■ Work to complete ■
From the data below, copy exactly the lines that lie between the one holding "#151=EDGE_LOOP('',(#204));" and the one holding "#204=ORIENTED_EDGE('',*,*,#265,.T.);", including both, and nothing more.

__________________________________________________

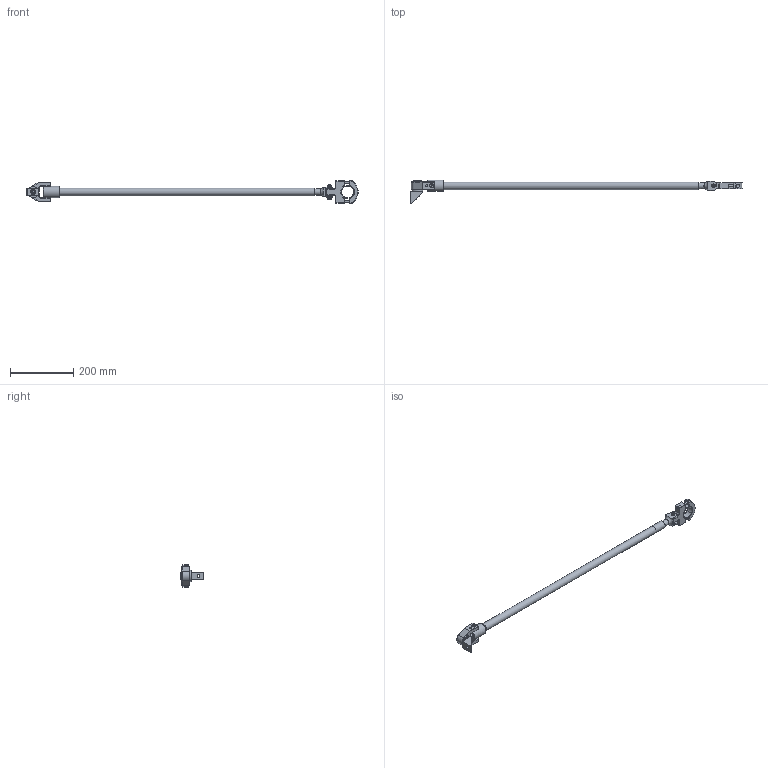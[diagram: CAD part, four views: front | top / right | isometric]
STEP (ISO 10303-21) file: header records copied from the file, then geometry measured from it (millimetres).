
FILE_DESCRIPTION( ( 'Unknown' ), '1' );
FILE_NAME( 'D:/dogabe/Industrie/Industrie 2005/05-14-2721 SCANROTOR/4-1200284_bras DMF 30_2500_3D/4-1200284_bras DMF 30_2500.stp', 'Unknown', ( 'Unknown' ), ( 'Unknown' ), 'PSStep 14.0', 'Unknown', ' ' );
FILE_SCHEMA( ( 'AUTOMOTIVE_DESIGN { 1 0 10303 214 1 1 1 1 }' ) );
Length unit declared in the file: millimetre
Products named in the file (32): Asm Pivot; Pivot S26; CHC M8x30; Asm Jonc 14 standart pour DMF30 LG2500; Jonc 14 pour DMF30 LG2500; Chape pince pour DMF30; Tube 14,2x16-oa1; 08 Z; H M06 Nyl; CHC Epaulé M6-30; Goupille élastique; 06 Z; Asm Pince pour DMF30; Placement; CHC M6x45 fileté sous tete; CHC M6x45 fileté sous tete-oa2; Collier; Pince pour DMF30; Asm Tube 19 standart pour DMF30 LG2500; Tube 16,2x19 pour DMF30 LG2500; Tube 14,2x16; Tube 19,2x20,8-oa0; Asm Tube 24 standart pour DMF30 LG2500; Fourreau DMF30; Tube 21x24 pour DMF30 LG2500; Tube 19,2x20,8; Chape équilibreur pour DMF30; CHC Epaulé M6-40; Chape de fixation DMF30; Spring retaining ring for 25 shaft; Assem1; Equerre
Assembly tree (31 placements, depth 3):
  Assem1
    Equerre
    Asm Tube 24 standart pour DMF30 LG2500
      Fourreau DMF30
      Tube 21x24 pour DMF30 LG2500
      Tube 19,2x20,8
    Asm Tube 19 standart pour DMF30 LG2500
      Tube 16,2x19 pour DMF30 LG2500
      Tube 14,2x16
      Tube 19,2x20,8-oa0
    Asm Jonc 14 standart pour DMF30 LG2500
      Jonc 14 pour DMF30 LG2500
      Chape pince pour DMF30
      Tube 14,2x16-oa1
      08 Z
      H M06 Nyl
      CHC Epaulé M6-30
      Goupille élastique
      06 Z
    Chape équilibreur pour DMF30
      CHC Epaulé M6-40
      Chape de fixation DMF30
      Spring retaining ring for 25 shaft
    Asm Pince pour DMF30
      Placement
      CHC M6x45 fileté sous tete
      CHC M6x45 fileté sous tete-oa2
      Collier
      Pince pour DMF30
    Asm Pivot
      Pivot S26
      CHC M8x30
Bounding box: 1050.79 x 75.25 x 70 mm (x, y, z)
Volume: 498735.4 mm3; surface area: 346702.2 mm2
Topology: 25 solids, 25 shells, 384 faces, 830 edges, 514 vertices
Faces by surface type: plane 259, cylinder 89, cone 31, torus 5
Full cylindrical faces by diameter (mm): 2 x2, 3.1 x3, 5 x4, 5.8 x2, 6 x6, 6.5 x2, 6.8 x2, 7 x2, 7.8 x1, 8 x10, 9 x2, 9.547 x1, 10 x2, 12 x1, 13 x3, 14 x3, 14.2 x2, 15 x2, 16 x3, 16.2 x1, 19 x1, 19.2 x2, 20 x1, 20.8 x2, 21 x1, 23.9 x1, 24 x1, 24.1 x1, 25 x3, 35 x1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
Entity records: 14033 total; most frequent: CARTESIAN_POINT 2502, DIRECTION 1705, ORIENTED_EDGE 1394, EDGE_CURVE 697, AXIS2_PLACEMENT_3D 624, EDGE_LOOP 562, VERTEX_POINT 475, FACE_OUTER_BOUND 460
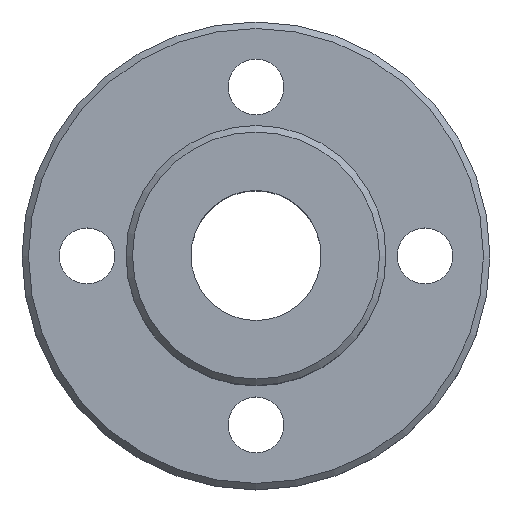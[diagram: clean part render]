
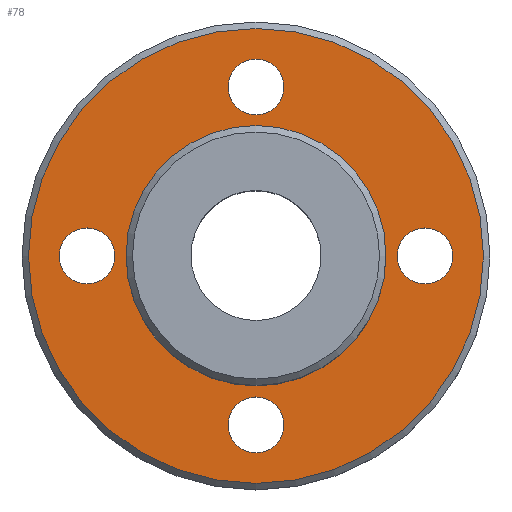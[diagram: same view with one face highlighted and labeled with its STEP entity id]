
A CAD part, top view. The second image highlights one B-rep face of the part: STEP entity #78.
In plain terms, the highlighted planar face has unit normal (0, 0, 1).
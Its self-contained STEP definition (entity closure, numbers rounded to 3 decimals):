
#78=ADVANCED_FACE('',(#102,#103,#104,#105,#106,#107),#108,.T.);
#102=FACE_BOUND('',#149,.T.);
#103=FACE_BOUND('',#150,.T.);
#104=FACE_OUTER_BOUND('',#151,.T.);
#105=FACE_BOUND('',#152,.T.);
#106=FACE_BOUND('',#153,.T.);
#107=FACE_BOUND('',#154,.T.);
#108=PLANE('',#155);
#149=EDGE_LOOP('',(#202));
#150=EDGE_LOOP('',(#203));
#151=EDGE_LOOP('',(#204));
#152=EDGE_LOOP('',(#205));
#153=EDGE_LOOP('',(#206));
#154=EDGE_LOOP('',(#207));
#155=AXIS2_PLACEMENT_3D('',#208,#209,#210);
#202=ORIENTED_EDGE('',*,*,#258,.T.);
#203=ORIENTED_EDGE('',*,*,#264,.T.);
#204=ORIENTED_EDGE('',*,*,#265,.T.);
#205=ORIENTED_EDGE('',*,*,#266,.T.);
#206=ORIENTED_EDGE('',*,*,#267,.T.);
#207=ORIENTED_EDGE('',*,*,#256,.T.);
#208=CARTESIAN_POINT('',(0.0,0.0,5.0));
#209=DIRECTION('',(0.0,0.0,1.0));
#210=DIRECTION('',(1.0,0.0,0.0));
#256=EDGE_CURVE('',#273,#273,#274,.F.);
#258=EDGE_CURVE('',#277,#277,#278,.F.);
#264=EDGE_CURVE('',#289,#289,#290,.F.);
#265=EDGE_CURVE('',#291,#291,#292,.T.);
#266=EDGE_CURVE('',#293,#293,#294,.F.);
#267=EDGE_CURVE('',#295,#295,#296,.F.);
#273=VERTEX_POINT('',#307);
#274=CIRCLE('',#308,2.15);
#277=VERTEX_POINT('',#311);
#278=CIRCLE('',#312,2.15);
#289=VERTEX_POINT('',#323);
#290=CIRCLE('',#324,2.15);
#291=VERTEX_POINT('',#325);
#292=CIRCLE('',#326,17.5);
#293=VERTEX_POINT('',#327);
#294=CIRCLE('',#328,10.0);
#295=VERTEX_POINT('',#329);
#296=CIRCLE('',#330,2.15);
#307=CARTESIAN_POINT('',(2.15,-13.0,5.0));
#308=AXIS2_PLACEMENT_3D('',#341,#342,#343);
#311=CARTESIAN_POINT('',(-10.85,0.,5.0));
#312=AXIS2_PLACEMENT_3D('',#347,#348,#349);
#323=CARTESIAN_POINT('',(15.15,0.,5.0));
#324=AXIS2_PLACEMENT_3D('',#365,#366,#367);
#325=CARTESIAN_POINT('',(17.5,0.0,5.0));
#326=AXIS2_PLACEMENT_3D('',#368,#369,#370);
#327=CARTESIAN_POINT('',(10.0,0.,5.0));
#328=AXIS2_PLACEMENT_3D('',#371,#372,#373);
#329=CARTESIAN_POINT('',(2.15,13.0,5.0));
#330=AXIS2_PLACEMENT_3D('',#374,#375,#376);
#341=CARTESIAN_POINT('',(0.,-13.0,5.0));
#342=DIRECTION('',(0.0,0.0,1.0));
#343=DIRECTION('',(1.0,0.0,0.0));
#347=CARTESIAN_POINT('',(-13.0,0.,5.0));
#348=DIRECTION('',(0.0,0.0,1.0));
#349=DIRECTION('',(1.0,0.0,0.0));
#365=CARTESIAN_POINT('',(13.0,0.0,5.0));
#366=DIRECTION('',(0.0,0.0,1.0));
#367=DIRECTION('',(1.0,0.0,0.0));
#368=CARTESIAN_POINT('',(0.0,0.0,5.0));
#369=DIRECTION('',(0.0,0.0,1.0));
#370=DIRECTION('',(1.0,0.0,0.0));
#371=CARTESIAN_POINT('',(0.0,0.0,5.0));
#372=DIRECTION('',(0.0,0.0,1.0));
#373=DIRECTION('',(1.0,0.0,0.0));
#374=CARTESIAN_POINT('',(0.,13.0,5.0));
#375=DIRECTION('',(0.0,0.0,1.0));
#376=DIRECTION('',(1.0,0.0,0.0));

__________________________________________________

■ Written response ■
#151=EDGE_LOOP('',(#204));
#152=EDGE_LOOP('',(#205));
#153=EDGE_LOOP('',(#206));
#154=EDGE_LOOP('',(#207));
#155=AXIS2_PLACEMENT_3D('',#208,#209,#210);
#202=ORIENTED_EDGE('',*,*,#258,.T.);
#203=ORIENTED_EDGE('',*,*,#264,.T.);
#204=ORIENTED_EDGE('',*,*,#265,.T.);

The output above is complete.